When dealing with unstructured data analytics, homographs and homonyms are more complicated because the distinction between the two words can only be made based on the context in a sentence.  Homophones, on the other hand, are not a complicated due to the difference in spelling unless speech recognition software is used as part of the technology solution.

It is evident why homonyms create complexity when performing similarity matching in unstructured data analytics.  A computer program is less likely to be able to distinguish two words if the spelling is the same but the meaning is different (regardless if the pronunciation is the same or not).  Thus, complex programming may be required to effectively deal with homonyms in similarity matching algorithms, and it also is important to understand the difference between homonymy and polysemy.

As mentioned above, homonyms are two words that that either sound the same when spoken and (or) have the same spelling but have different meanings.  Alternatively, a word that is polysemous can have a different meaning, and the difference can be obvious or subtle.  A polysemic word may even be distinguished based on the part of speech of the word (i.e. used as a noun opposed to a verb).  At times, if the distinction is subtle, it may be difficult to distinguish if a word is a homonym or polysemic. When you consider the difference try and determine if the word is two separate words with different meanings (a homonym) or one word with the same meaning but used in different ways (polysemic).  Here are some examples:

  • Obvious Homonymy: down

    “The cat climbed down the tree.”
    “The down blanket is warm.”
  • Obvious Polysemy: wood

    “The wood on that tree is burnt.”
    “Be careful not to go walking at night alone in the wood.”  
  • Polysemy that is also Homonymous: bank

    “I made a deposit at the bank.”
    Polysemy Example: “You can bank on me.” (as in “depend on”)

    Homonymy Example: “Let’s sit on the bank of the river.”
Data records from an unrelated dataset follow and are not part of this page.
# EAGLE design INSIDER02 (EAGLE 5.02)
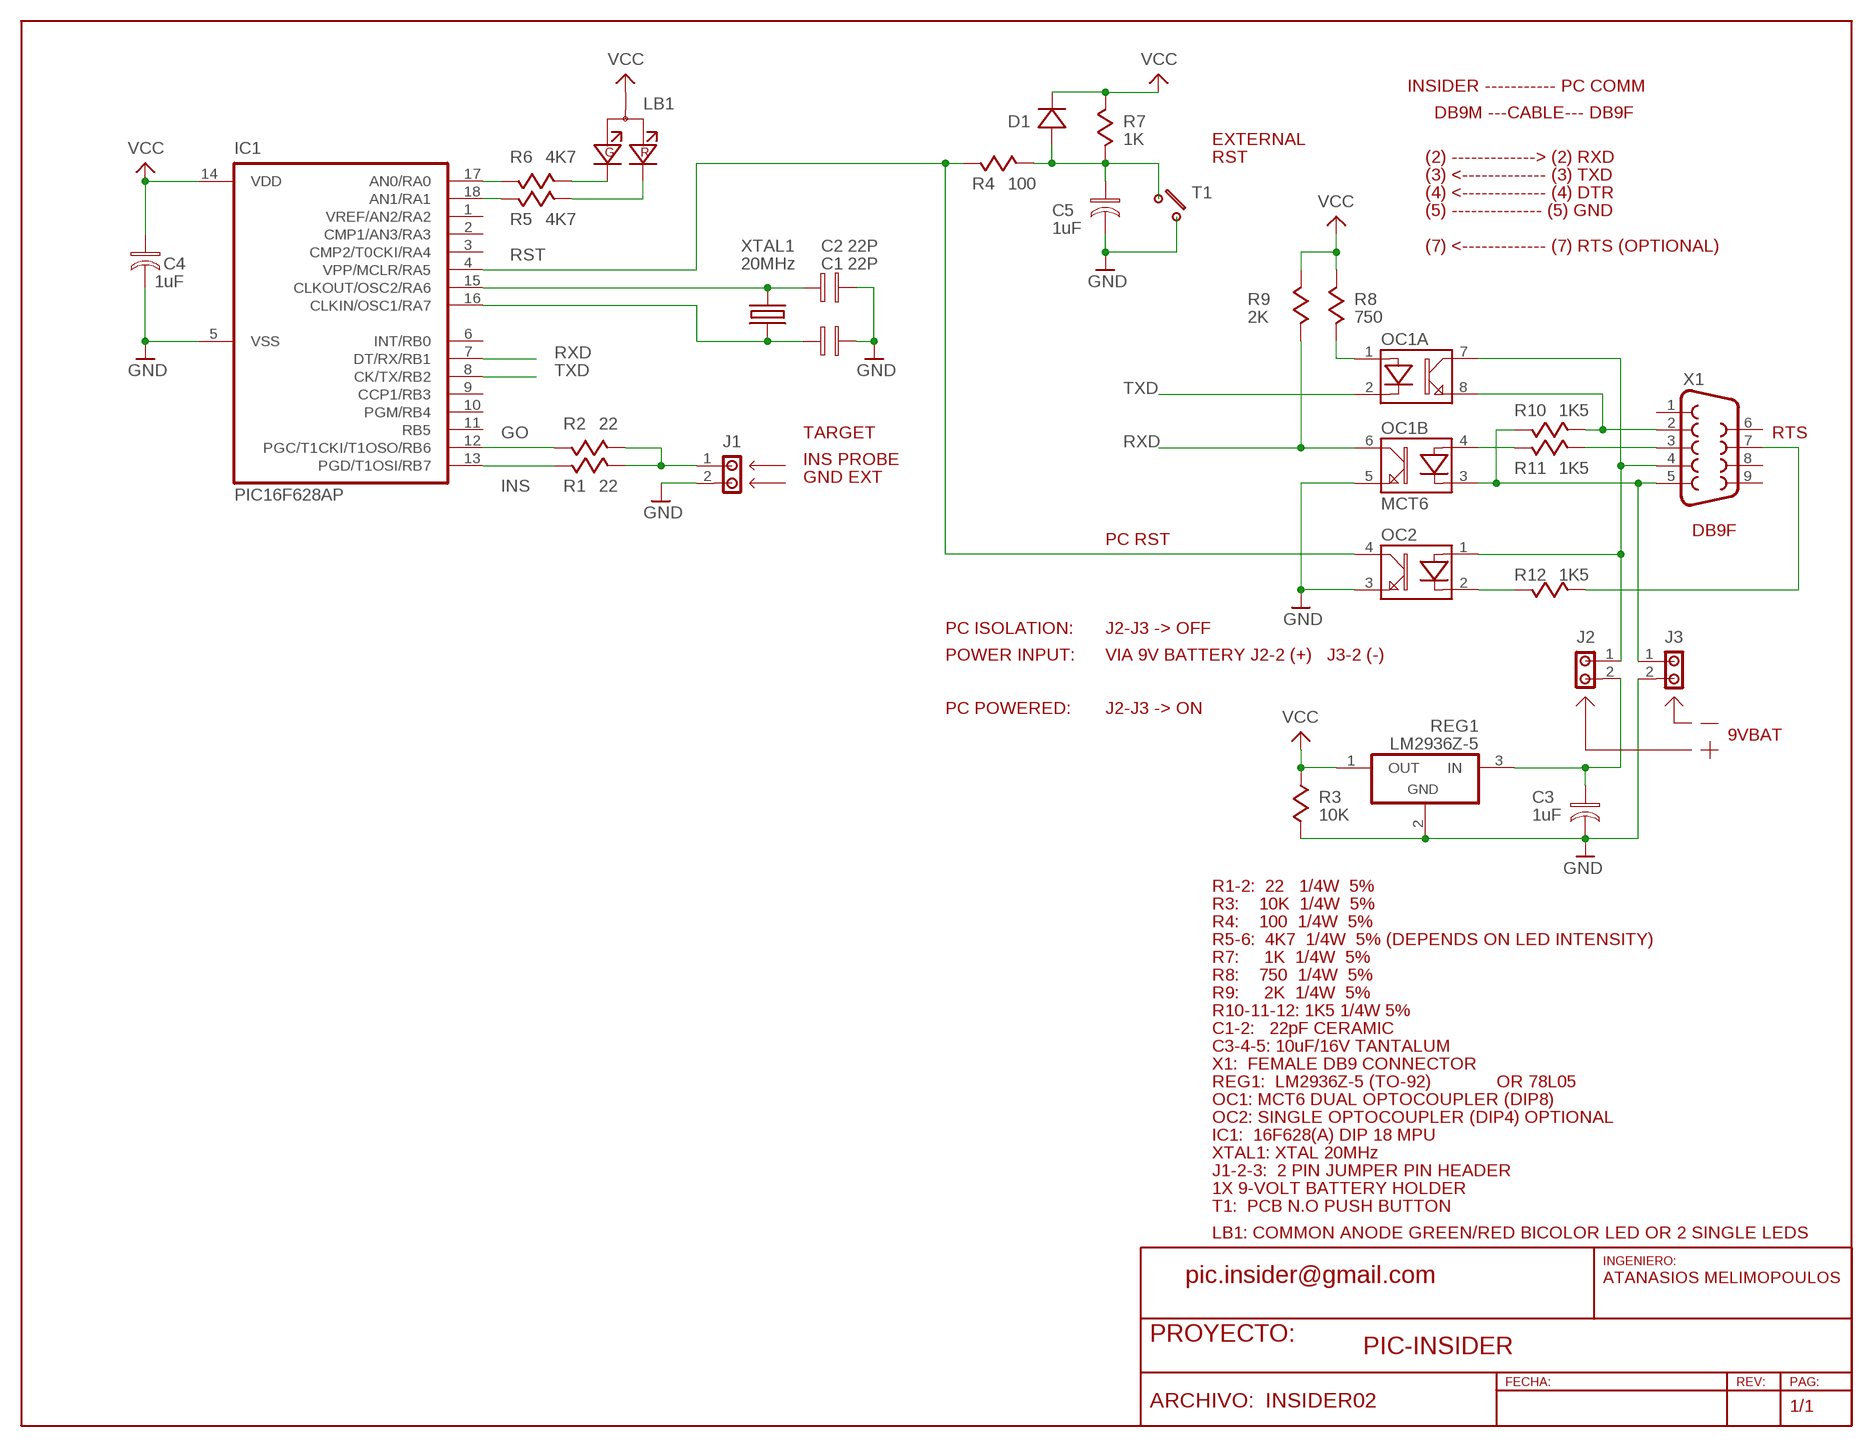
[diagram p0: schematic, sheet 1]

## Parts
C1  22P  CAP02  [C02]
C2  22P  CAP02  [C02]
C3  1uF  CAPE01  [CP01]
C4  1uF  CAPE01  [CP01]
C5  1uF  CAPE01  [CP01]
D1  1N4148  DIODE03  [D03]
IC1  PIC16F628AP  [DIL18]
J1  JMP2  [JP2]
J2  JMP2  [JP2]
J3  JMP2  [JP2]
LB1  LEDBIAC  [LEDBAC]
OC1  MCT6  OPTO2G  [DIL08]
OC2  OPTO1A  [DIL04]
R1  22  RES03  [R03]
R2  22  RES03  [R03]
R3  10K  RES03  [R03]
R4  100  RES03  [R03]
R5  4K7  RES03  [R03]
R6  4K7  RES03  [R03]
R7  1K  RES03  [R03]
R8  750  RES03  [R03]
R9  2K  RES03  [R03]
R10  1K5  RES03  [R03]
R11  1K5  RES03  [R03]
R12  1K5  RES03  [R03]
REG1  LM2936Z-5  78XXL  [TO92A]
T1  TEC3  [TEC3L]
X1  F09D  [F09D]
XTAL1  20MHz  XTALV300  [HC49V]

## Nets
GND: C1.P$2 C2.P$2 C3.P$2 C4.P$2 C5.P$2 IC1.5(VSS) J1.2 J3.2 OC1.5(B:E) OC2.3(E) R3.P$2 REG1.2(GND) T1.1
GO: IC1.12(PGC/T1CKI/T1OSO/RB6) R2.P$2
INS: IC1.13(PGD/T1OSI/RB7) R1.P$1
N$1: J3.1 OC1.3(B:K) R10.P$1 X1.5
N$2: OC1.8(A:E) R10.P$2 X1.2
N$3: J2.1 OC1.7(A:C) OC2.1(A) X1.4
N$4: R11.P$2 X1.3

When programming similarity matching for unstructured data analytics, it is important to understand these distinctions even if just to determine why an algorithm is not producing expected results.  There are several ways to manipulate the algorithm to take synonymy, homonymy, and polysemy into consideration but it is near impossible to account for every scenario based on the complexly of the human language.  The goal of understanding this complexity is to try and take different scenarios into consideration and program your unstructured data analytic algorithms to be as accurate as possible.